The data: Begin
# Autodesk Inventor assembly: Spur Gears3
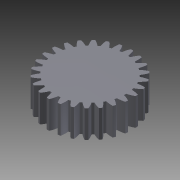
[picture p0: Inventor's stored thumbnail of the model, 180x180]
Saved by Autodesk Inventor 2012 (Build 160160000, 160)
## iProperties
Created: 2017-01
Part Number: Spur Gears3
Document SubType Name: Assembly
Designer: omaro
Categories: <?xml version="1.0" encoding="UTF-16"?> <MemberInstance><Categories><FamilyTemplate/><ParamToTemplateMap><ParamToTemplate><ParamToTemplate CategoryParameter="//
ClientObjectVersion: 1
Author: omaro
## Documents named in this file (2)
- C:\Users\Elkawokgy\Downloads\New folder\Spur Gears3.iam
- C:\Projects\GateProject-master\GateProjectMain\Hardware\Mechanical\Assembly1\Design Accelerator\Spur Gear21.ipt
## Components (1 placed, 1 different names)
1. Spur Gear2:1
The data: End
### What the task requires:
Return all entries preceding this task exactly as they stand, leaving any picture out.

### Written solution:
# Autodesk Inventor assembly: Spur Gears3
[picture p0: Inventor's stored thumbnail of the model, 180x180]
Saved by Autodesk Inventor 2012 (Build 160160000, 160)
## iProperties
Created: 2017-01
Part Number: Spur Gears3
Document SubType Name: Assembly
Designer: omaro
Categories: <?xml version="1.0" encoding="UTF-16"?> <MemberInstance><Categories><FamilyTemplate/><ParamToTemplateMap><ParamToTemplate><ParamToTemplate CategoryParameter="//
ClientObjectVersion: 1
Author: omaro
## Documents named in this file (2)
- C:\Users\Elkawokgy\Downloads\New folder\Spur Gears3.iam
- C:\Projects\GateProject-master\GateProjectMain\Hardware\Mechanical\Assembly1\Design Accelerator\Spur Gear21.ipt
## Components (1 placed, 1 different names)
1. Spur Gear2:1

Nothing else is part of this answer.